Cape Town - Accusations of unethical business practice have emerged in a civil court case involving the R9.7 billion sale of the V&A Waterfront.
The legal action was brought against Growthpoint by Andre van Heerden, who was appointed by the court to recover the fee of two businessmen.
The two – retired businessman Maurice Shawzin and property developer Neill Bernstein (by way of his company Devland Holdings) – formed a consultancy partnership to help Growthpoint buy a stake in the Waterfront in 2011.
Growthpoint is defending the action.
In the Western Cape High Court yesterday, advocate Brian Pincus, SC, said in his opening address that Shawzin and Bernstein had put time and effort into the deal.
At no time before May 9, 2010, had Growthpoint shown any signs of repudiation, or advised them to stop their efforts.
Pincus claimed that at a pre-arbitration meeting in December 2011, there had been conduct that “we would describe as unethical business practice”.

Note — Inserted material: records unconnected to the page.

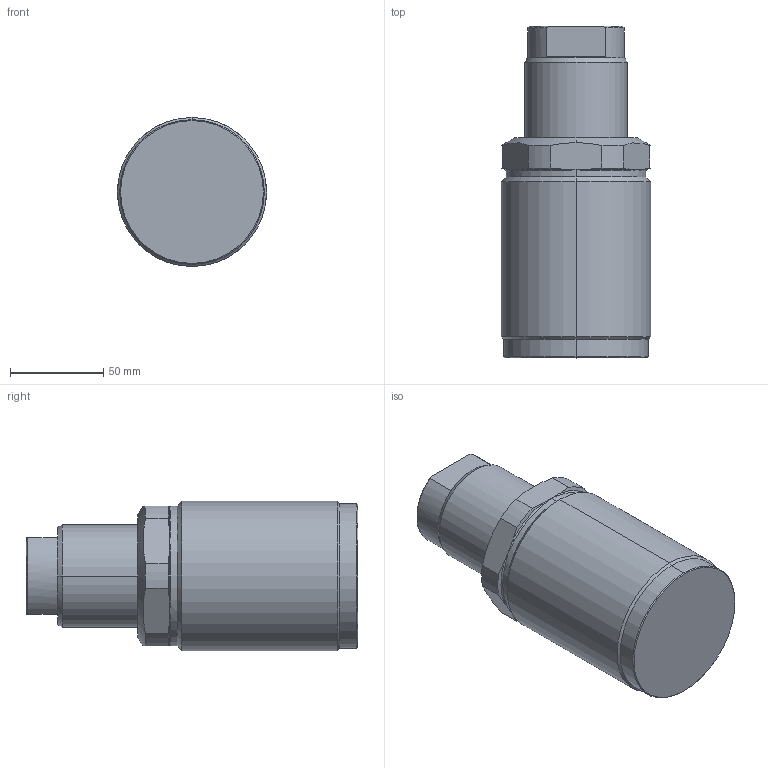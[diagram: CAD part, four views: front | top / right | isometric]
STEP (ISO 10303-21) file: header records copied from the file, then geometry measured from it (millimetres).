
FILE_DESCRIPTION((' '),'2;1');
FILE_NAME( 'TGM60-40.x_t.stp', '2024-08-27T13:43:54', (' '), ('--- Datakit www.datakit.com---'), ' Datakit CrossCadWare V2024.1 Dec 21 2023', 'Mastercam 2025', ' ');
FILE_SCHEMA(('AUTOMOTIVE_DESIGN { 1 0 10303 214 1 1 1 1 }'));
Length unit declared in the file: millimetre
Products named in the file (1): TGM60-40
Bounding box: 80 x 178 x 80 mm (x, y, z)
Volume: 608744.6 mm3; surface area: 62297.9 mm2
Topology: 2 solids, 2 shells, 81 faces, 200 edges, 113 vertices
Faces by surface type: cylinder 24, cone 22, plane 17, bspline 12, torus 6
Entity records: 4237 total; most frequent: CARTESIAN_POINT 2461, ORIENTED_EDGE 372, DIRECTION 350, EDGE_CURVE 186, AXIS2_PLACEMENT_3D 150, VERTEX_POINT 113, EDGE_LOOP 85, FACE_OUTER_BOUND 81

What was further regrettable, he told the court, was that Growthpoint’s chairman, Francois Marais, had conducted himself in this way with Bernstein, whose relationship with Shawzin had since soured.
While Pincus accepted that Marais was not involved with everyday dealings with Shawzin, he had had knowledge of Shawzin’s claim.
He said that at the meeting there had been a discussion between Marais and Bernstein about Bernstein being given an ongoing ability to do business with Growthpoint if he got Shawzin “off their backs”.
Once Shawzin’s claim had been extinguished, they could then proceed with a “friendly arbitration”.
Although Marais’s advocates have not yet verbally responded to these allegations in court, Marais denied collusion in an affidavit.
It is Van Heerden’s version that an oral agreement had been reached that if Growthpoint acquired a substantial portion of the Waterfront, it would negotiate the fee amount with the partnership.
He is asking the court to order that the negotiations take place.